There are several scenes scenes that really stood out for me in Birdman.

Opening scene – Stroud (Lancaster) and several other criminals, supervised by prison guard Bull Ransom (Neville Brand). Everyone is sweating profusely from the heat. Lancaster removes his prison cap, places his hands inside to protect them and shatters the glass with his fists letting some much needed air in. This is Stroud’s first act of defiance and sets up his character beautifully.

Feto Gomez at Alcatraz – During their time at Leavenworth, Stroud and Gomez (Telly Savalas) become friends. They are reunited at Alcatraz where Stroud is a new prisoner. Gomez has worked up the ranks, gaining the trust of officials and is now responsible for serving the prisoners their meals. The two have a wonderful moment reminiscing about the past and Gomez generously gives Stroud second helpings of food. Stroud asks Gomez how many years he’s been behind bars. As Gomez works through the math we realize why Stroud asked him this and the impact of spending so much of their lives imprisoned.

Prison guard says goodbye to Stroud – Ransom (Brand) and Stroud (Lancaster) were on opposite ends of the prison system and Ransom was always quick to have the upper hand. But after more than a decade together at Leavenworth, Ransom begins to feel a friendly affection for Stroud. He watches him progress in his study of birds. When the two part ways as Stroud is transferred to Alcatraz, Ransom’s eyes wells up with tears, they shake hands and part ways. This is a brilliantly nuanced performance by Brand who adeptly shows tenderness in a pivotal scene.

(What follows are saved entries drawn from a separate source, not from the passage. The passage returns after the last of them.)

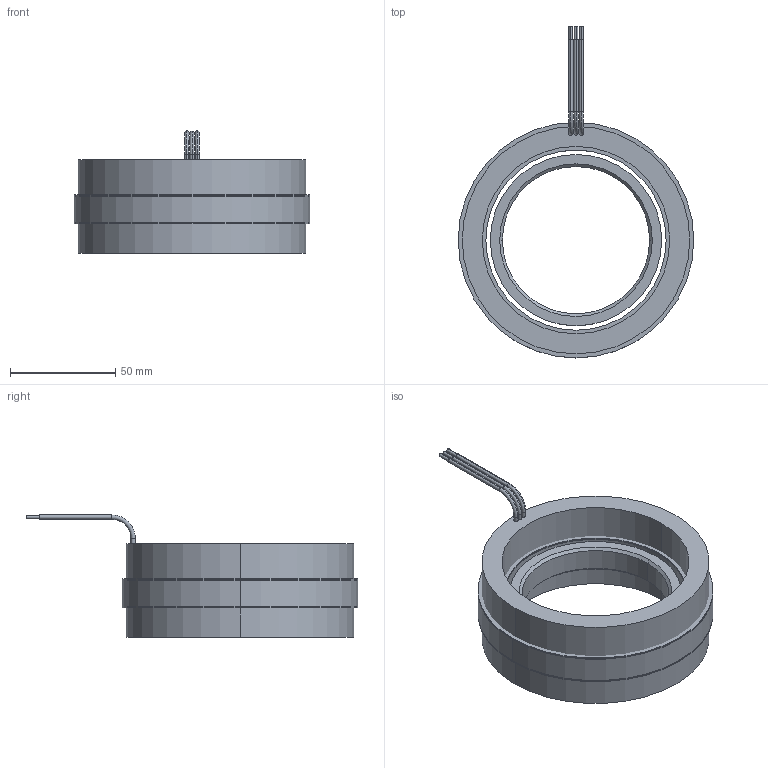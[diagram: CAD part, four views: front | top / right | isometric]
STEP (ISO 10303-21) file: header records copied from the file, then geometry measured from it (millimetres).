
FILE_DESCRIPTION (( 'STEP AP214' ), '1' );
FILE_NAME ('6100255-07.STEP', '2019-11-11T17:43:14', ( '' ), ( '' ), 'SwSTEP 2.0', 'SolidWorks 2016', '' );
FILE_SCHEMA (( 'AUTOMOTIVE_DESIGN' ));
Length unit declared in the file: millimetre
Products named in the file (11): 4450154-XX_4450154-04; 4400054-00; 4500516-XX_4500516-07; 4250340-XX_4250340-04; COMP4500516-XX(COIL)_COMP4500516-07(COIL); 4150144-XX_4150144-04; 4600515-00; 6100255-07
Assembly tree (10 placements, depth 4):
  6100255-07
    4500516-XX_4500516-07
      4450154-XX_4450154-04
        4450154-XX_4450154-04
        4400054-00
        4400054-00
        4600515-00
        4600515-00
      COMP4500516-XX(COIL)_COMP4500516-07(COIL)
    4250340-XX_4250340-04
      4150144-XX_4150144-04
Bounding box: 111.76 x 157.42 x 57.91 mm (x, y, z)
Volume: 203402.5 mm3; surface area: 91941 mm2
Topology: 7 solids, 7 shells, 76 faces, 152 edges, 96 vertices
Faces by surface type: cylinder 46, plane 20, torus 6, cone 4
Entity records: 2446 total; most frequent: DIRECTION 438, CARTESIAN_POINT 340, ORIENTED_EDGE 304, AXIS2_PLACEMENT_3D 194, EDGE_CURVE 152, CIRCLE 102, EDGE_LOOP 96, VERTEX_POINT 96

Rehabilitation Argument – This is by far my favorite scene int he movie. Warden Shoemaker (Malden) and Stroud (Lancaster) never see eye-to-eye. And it’s never more clear than in this moment in the film. Stroud has just written a manuscript criticizing the prison system and Shoemaker blocks it’s publication. Malden’s Shoemaker delivers a speech about his frustration with Stroud for resisting his efforts for rehabilitation. Lancaster’s Stroud comes back with a powerful rebuttal. He presents Shoemaker with the etymology of “rehabilitation” which means to restore someone to their former condition with dignity. It’s a powerful political statement for prison reform if I ever heard one.

In 1963, Birdman was nominated for four Academy Awards including Best Actor (Lancaster), Best Supporting Actor (Telly Savalas), Best Supporting Actress (Thelma Ritter) and Best Cinematography - Black and White (Burnett Guffey). This was Lancaster's third Academy Award nominated performance and he and Frankenheimer worked on a total of five films together.




Birdman of Alcatraz (1962) is available on Blu-Ray and DVD from Olive Films. The discs feature film commentary from Lancaster biographer Kate Buford. My Blu-Ray disc unfortunately was faulty and when I stopped the movie it started over from the beginning. I hope that Olive Films has corrected this by now.

Many thanks to Olive Films for sending me a Blu-Ray copy of Birdman of Alcatraz for review!